An original river has already been defined as one which first takes possession of a land area, or which replaces a completely extinguished river on a surface of rapid deformation.
A river may be simple, if its drainage area is of practically one kind of structure and of one age; like the rivers of southern New Jersey. Such rivers are generally small. It may be composite, when drainage areas of different structure are included in the basin of a single stream. This is the usual case.
A compound river is one which is of different ages in its different parts; as certain rivers of North Carolina, which have old headwaters rising in the mountains, and young lower courses traversing the coastal plain.
A river is complex when it has entered a second or later cycle of development; the headwaters of a compound river are therefore complex, while the lower course may be simple, in its first cycle. The degree of complexity measures the number of cycles that the river has entered.
When the study of rivers is thus attempted, its necessary complications may at first seem so great as to render it of no value; but in answer to this I believe that it may be fairly urged that, although complicated, the results are true to nature, and if so, we can have no ground of complaint against them. Moreover, while it is desirable to reduce the study of the development of rivers to its simplest form, in order to make it available for instruction and investigation, it must be remembered that this cannot be done by neglecting to investigate the whole truth in the hope of avoiding too great complexity, but that simplicity can be reached safely only through fullness of knowledge, if at all.
It is with these points in mind that I have attempted to decipher the history of the rivers of Pennsylvania. We find in the Susquehanna, which drains a great area in the central part of the state, an example of a river which is at once composite, compound and highly complex. It drains districts of divers structure; it traverses districts of different ages; and it is at present in its fourth or fifth degree of complexity, its fourth or fifth cycle of development at least. In unravelling its history and searching out the earlier courses of streams which may have long since been abandoned in the processes of mature adjustment, it will be seen that the size of the present streams is not always a measure of their previous importance, and to this we may ascribe the difficulty that attends the attempt to decipher a river's history from general maps of its stream lines. Nothing but a detailed examination of geological structure and history suffices to detect facts and conditions that are essential to the understanding of the result.

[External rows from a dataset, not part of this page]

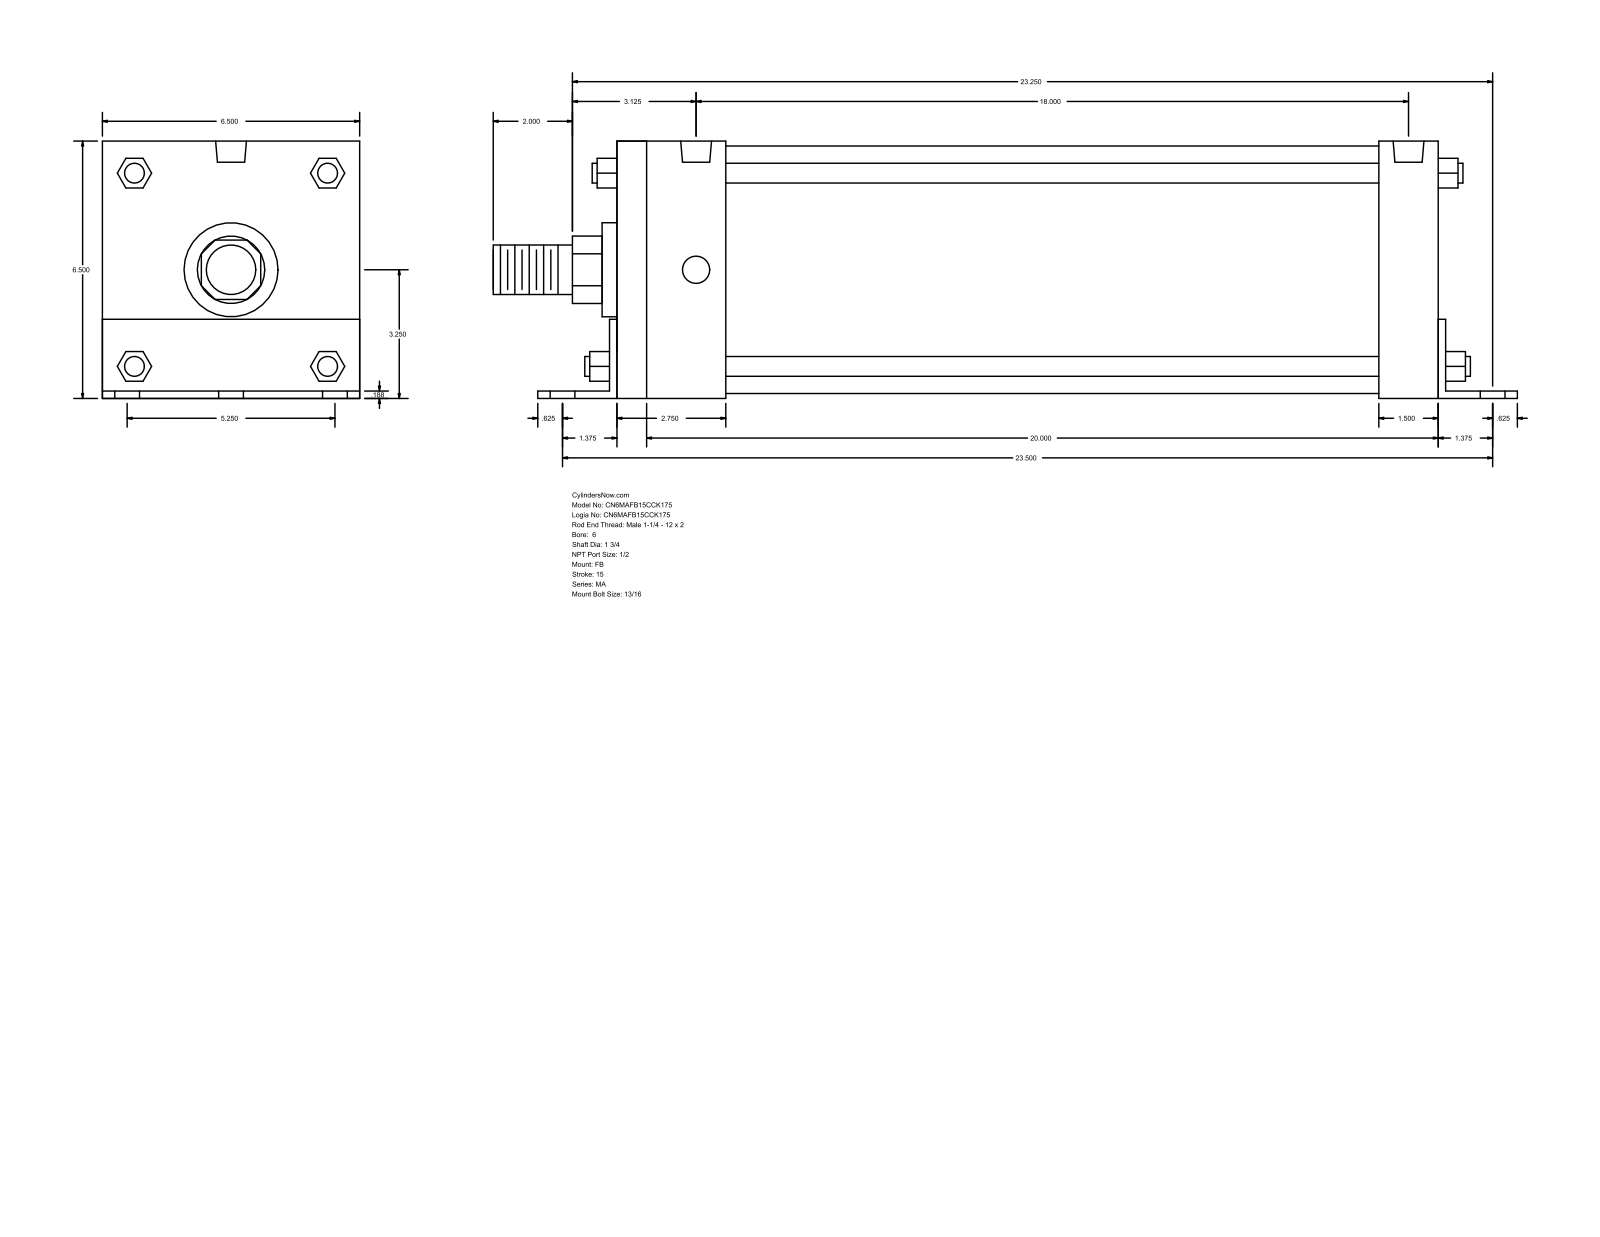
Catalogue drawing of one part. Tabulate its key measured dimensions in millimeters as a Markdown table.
| quantity | value |
| --- | --- |
| part name | MA_FB__0600_1.75 |
| STEP written by | GSSL Pune (CONFIG_CONTROL_DESIGN) |
| units | millimeters |
| bodies | 0 solids, 140 faces (105 planar, 35 cylindrical, 0 other) |
| overall size | 657.23 × 165.15 × 165.1 |
| round holes (diameter × count) | 20.64 × 6, 17.46 × 4, 19.77 × 2 |
| round bosses / shafts (diameter × count) | 12.7 × 4, 158.75 × 1, 60.33 × 1, 44.45 × 1, 31.75 × 1 |
| partial cylindrical surfaces (radius × count) | 21.63 × 1, 32.05 × 1 |
| main face-to-face distances | 165.1, 4.76, 527.05, 165.15, 4.71, 160.39, 69.85, 74.61, 38.1, 4.77 |
| hole center spacings | 66.67, 600.61, 596.9, 85.78, 108.6, 133.34, 457.2, 515.5 |
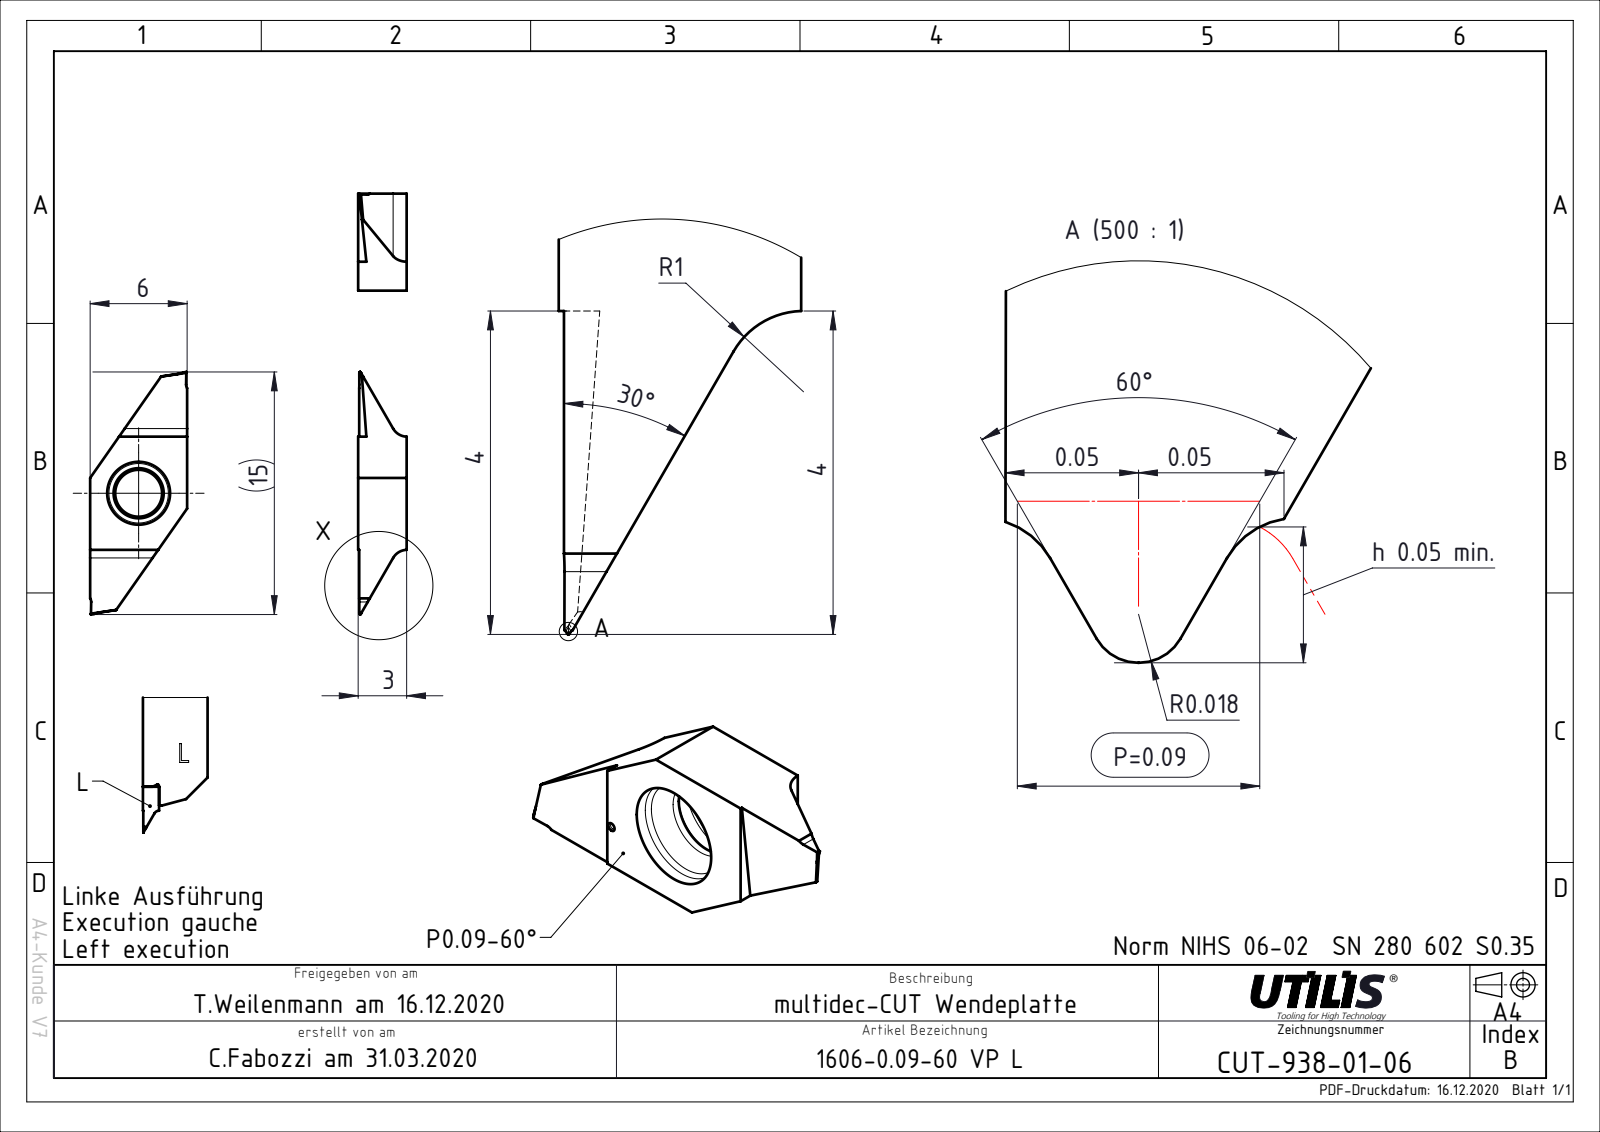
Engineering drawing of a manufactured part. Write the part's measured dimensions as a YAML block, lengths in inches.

If the postulates that I shall use seem unsound and the arguments seem overdrawn, error may at least be avoided by not holding fast to the conclusions that are presented, for they are presented only tentatively. I do not feel by any means absolutely persuaded of the correctness of the results, but at the same time deem them worth giving out for discussion. The whole investigation was undertaken as an experiment to see where it might lead, and with the hope that it might lead at least to a serious study of our river problems.